Liechtenstein Authorities Issue Urgent Warning Against Sophisticated QR Code Scams

Liechtenstein Authorities Warn of Rising QR Code Scams

The Liechtenstein State Police and the Federal Office for Cybersecurity have issued a joint warning regarding a significant increase in sophisticated online fraud attempts. The authorities caution the public against online fraudsters who are leveraging fake QR codes and malicious software (malware) to illicitly obtain sensitive information such as bank data and passwords. Recent cases highlight the evolving and increasingly complex methods employed by these cybercriminals.

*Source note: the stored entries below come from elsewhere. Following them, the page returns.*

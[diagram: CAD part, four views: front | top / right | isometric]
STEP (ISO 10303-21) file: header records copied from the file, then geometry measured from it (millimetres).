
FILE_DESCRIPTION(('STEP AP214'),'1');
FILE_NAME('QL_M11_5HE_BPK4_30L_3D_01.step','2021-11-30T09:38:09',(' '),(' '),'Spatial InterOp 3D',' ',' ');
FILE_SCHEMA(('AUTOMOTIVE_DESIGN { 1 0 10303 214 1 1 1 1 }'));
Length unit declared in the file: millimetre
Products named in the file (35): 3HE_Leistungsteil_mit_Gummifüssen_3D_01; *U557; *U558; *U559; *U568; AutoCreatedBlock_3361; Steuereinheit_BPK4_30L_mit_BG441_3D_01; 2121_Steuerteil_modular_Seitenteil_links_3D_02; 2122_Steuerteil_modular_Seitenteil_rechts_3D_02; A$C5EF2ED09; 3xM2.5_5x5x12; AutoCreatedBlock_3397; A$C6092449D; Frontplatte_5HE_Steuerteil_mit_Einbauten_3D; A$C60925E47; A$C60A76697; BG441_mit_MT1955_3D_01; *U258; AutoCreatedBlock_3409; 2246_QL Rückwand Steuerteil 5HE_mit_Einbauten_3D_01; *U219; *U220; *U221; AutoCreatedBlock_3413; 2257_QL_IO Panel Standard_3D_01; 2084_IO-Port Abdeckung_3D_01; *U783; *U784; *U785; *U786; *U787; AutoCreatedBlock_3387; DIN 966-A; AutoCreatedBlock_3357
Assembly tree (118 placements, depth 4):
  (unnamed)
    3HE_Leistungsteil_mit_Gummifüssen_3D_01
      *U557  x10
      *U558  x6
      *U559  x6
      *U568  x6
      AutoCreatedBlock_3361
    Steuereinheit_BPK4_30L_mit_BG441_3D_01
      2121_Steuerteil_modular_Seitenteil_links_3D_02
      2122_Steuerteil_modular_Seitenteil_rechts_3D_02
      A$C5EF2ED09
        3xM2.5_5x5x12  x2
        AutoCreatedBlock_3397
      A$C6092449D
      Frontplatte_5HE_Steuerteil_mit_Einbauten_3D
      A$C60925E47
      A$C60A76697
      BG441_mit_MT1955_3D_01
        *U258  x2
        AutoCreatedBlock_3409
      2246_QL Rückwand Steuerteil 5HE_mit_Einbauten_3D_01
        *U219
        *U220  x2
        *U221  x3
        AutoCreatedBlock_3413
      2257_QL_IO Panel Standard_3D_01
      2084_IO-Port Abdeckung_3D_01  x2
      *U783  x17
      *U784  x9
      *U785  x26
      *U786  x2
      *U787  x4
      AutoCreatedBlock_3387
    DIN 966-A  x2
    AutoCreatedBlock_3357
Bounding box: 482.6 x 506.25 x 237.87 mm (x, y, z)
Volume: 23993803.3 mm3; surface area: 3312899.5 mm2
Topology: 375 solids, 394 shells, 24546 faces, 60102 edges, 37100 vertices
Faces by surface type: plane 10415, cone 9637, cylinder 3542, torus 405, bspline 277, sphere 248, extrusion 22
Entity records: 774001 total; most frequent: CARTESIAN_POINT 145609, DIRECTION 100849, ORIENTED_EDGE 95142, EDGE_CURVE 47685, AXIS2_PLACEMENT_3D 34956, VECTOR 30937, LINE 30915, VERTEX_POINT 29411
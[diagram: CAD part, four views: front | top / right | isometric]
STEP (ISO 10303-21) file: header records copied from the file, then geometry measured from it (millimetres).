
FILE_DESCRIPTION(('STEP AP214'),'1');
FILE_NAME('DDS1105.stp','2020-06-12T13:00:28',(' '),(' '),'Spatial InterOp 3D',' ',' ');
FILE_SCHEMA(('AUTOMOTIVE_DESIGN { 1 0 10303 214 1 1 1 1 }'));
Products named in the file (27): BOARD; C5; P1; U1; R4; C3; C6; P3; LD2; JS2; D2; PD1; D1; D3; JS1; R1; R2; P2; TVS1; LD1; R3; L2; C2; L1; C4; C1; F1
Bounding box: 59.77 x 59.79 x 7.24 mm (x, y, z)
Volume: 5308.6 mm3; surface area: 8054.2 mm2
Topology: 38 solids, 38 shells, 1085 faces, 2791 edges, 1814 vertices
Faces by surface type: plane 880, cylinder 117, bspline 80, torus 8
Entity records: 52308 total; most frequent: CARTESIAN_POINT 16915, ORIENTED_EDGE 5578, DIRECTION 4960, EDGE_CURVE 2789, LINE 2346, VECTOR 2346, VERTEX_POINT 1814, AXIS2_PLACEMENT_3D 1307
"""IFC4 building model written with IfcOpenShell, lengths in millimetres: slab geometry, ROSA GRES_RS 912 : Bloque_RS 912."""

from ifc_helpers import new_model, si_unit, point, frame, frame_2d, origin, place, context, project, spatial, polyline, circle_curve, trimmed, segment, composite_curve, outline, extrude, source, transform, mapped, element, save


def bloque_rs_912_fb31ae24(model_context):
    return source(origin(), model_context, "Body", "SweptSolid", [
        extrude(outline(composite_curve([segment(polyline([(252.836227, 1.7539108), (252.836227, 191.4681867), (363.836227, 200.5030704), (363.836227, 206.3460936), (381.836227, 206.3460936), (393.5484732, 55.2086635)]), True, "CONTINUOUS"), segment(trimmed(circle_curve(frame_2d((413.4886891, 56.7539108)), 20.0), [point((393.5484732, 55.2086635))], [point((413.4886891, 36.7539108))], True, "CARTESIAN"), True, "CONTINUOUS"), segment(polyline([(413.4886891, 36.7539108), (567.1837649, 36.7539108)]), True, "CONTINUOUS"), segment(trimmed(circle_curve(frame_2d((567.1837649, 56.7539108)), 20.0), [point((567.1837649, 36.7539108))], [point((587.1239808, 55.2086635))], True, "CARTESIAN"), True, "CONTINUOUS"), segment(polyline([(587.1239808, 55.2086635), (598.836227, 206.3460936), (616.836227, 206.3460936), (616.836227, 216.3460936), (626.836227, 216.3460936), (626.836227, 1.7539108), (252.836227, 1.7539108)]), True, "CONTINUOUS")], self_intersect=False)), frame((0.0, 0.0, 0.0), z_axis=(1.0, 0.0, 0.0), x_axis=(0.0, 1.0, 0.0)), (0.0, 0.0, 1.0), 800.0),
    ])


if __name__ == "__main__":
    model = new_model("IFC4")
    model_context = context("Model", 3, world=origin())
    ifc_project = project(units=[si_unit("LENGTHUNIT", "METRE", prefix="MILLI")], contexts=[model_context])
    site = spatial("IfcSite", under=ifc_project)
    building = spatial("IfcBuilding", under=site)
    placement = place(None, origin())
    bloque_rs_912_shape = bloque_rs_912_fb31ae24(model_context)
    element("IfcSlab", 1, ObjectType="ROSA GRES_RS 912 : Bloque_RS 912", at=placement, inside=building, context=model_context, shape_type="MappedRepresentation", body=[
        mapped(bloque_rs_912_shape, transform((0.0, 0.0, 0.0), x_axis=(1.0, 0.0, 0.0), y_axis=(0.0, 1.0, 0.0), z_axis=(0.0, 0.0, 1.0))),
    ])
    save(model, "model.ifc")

The Mechanics of 'Quishing' and Data Theft

The warning specifically addresses a type of scam often referred to as 'quishing,' where malicious QR codes are used to redirect unsuspecting individuals to fraudulent websites or to install malware. A recent incident in Liechtenstein involved a person attempting to sell an item on an online classifieds portal. A supposed prospective buyer sent the victim a fake receipt containing a QR code for the purchase transaction.

Upon scanning, the QR code led to a fraudulent website designed to mimic a legitimate parcel delivery service (such as Swiss Post). The victim was then prompted to select their bank and was redirected to a fake login page that appeared identical to their actual bank's e-banking portal. The login information, including passwords, entered by the victim on this deceptive site was subsequently misused by the perpetrators, resulting in the theft of tens of thousands of francs from the victim's account.

Sophisticated Methods and Financial Impact

These scams are becoming more refined, utilizing tactics that bypass traditional security measures and exploit user trust. Fraudsters craft convincing fake websites and employ social engineering to create a sense of urgency, encouraging victims to act without careful consideration. The use of QR codes in phishing campaigns makes it challenging for security software to detect malicious links, as the URLs are obfuscated within the code.

Globally, similar sophisticated methods have been observed, including the distribution of malware like the Coper banking Trojan via malicious QR codes embedded in physical letters, aiming to steal banking credentials and intercept two-factor authentication codes. While not directly linked to the Liechtenstein case, such examples illustrate the advanced nature of threats that authorities are combating.

Official Advice and Prevention Measures

The Liechtenstein National Police urges the public to exercise extreme caution and follow crucial preventative measures to protect themselves from such fraud attempts. Key recommendations include:

• Never enter bank details on third-party websites.
• Avoid following links from emails, SMS messages, or QR codes from unknown or insecure sources, as these may lead to visually altered, fraudulent sites.
• Do not disclose sensitive information about yourself without thorough prior checks.
• If you suspect you have been a victim of such fraud, immediately contact your bank and report the incident to the National Police.

Additionally, it is advisable to inspect QR codes for any signs of tampering, verify the legitimacy of the URL before proceeding, and be wary of unexpected QR codes, especially those urging immediate action.

Continued Vigilance in Cybersecurity

The warning from Liechtenstein's authorities underscores the critical need for public vigilance in the face of evolving cyber threats. The country continues to strengthen its cybersecurity framework, with measures such as the new Cyber Security Act (CSG), effective from February 1, 2025, which implements the NIS-2 directive to enhance national resilience against cyber risks. This proactive approach aims to protect individuals, businesses, and critical infrastructures from the growing landscape of cybercrime.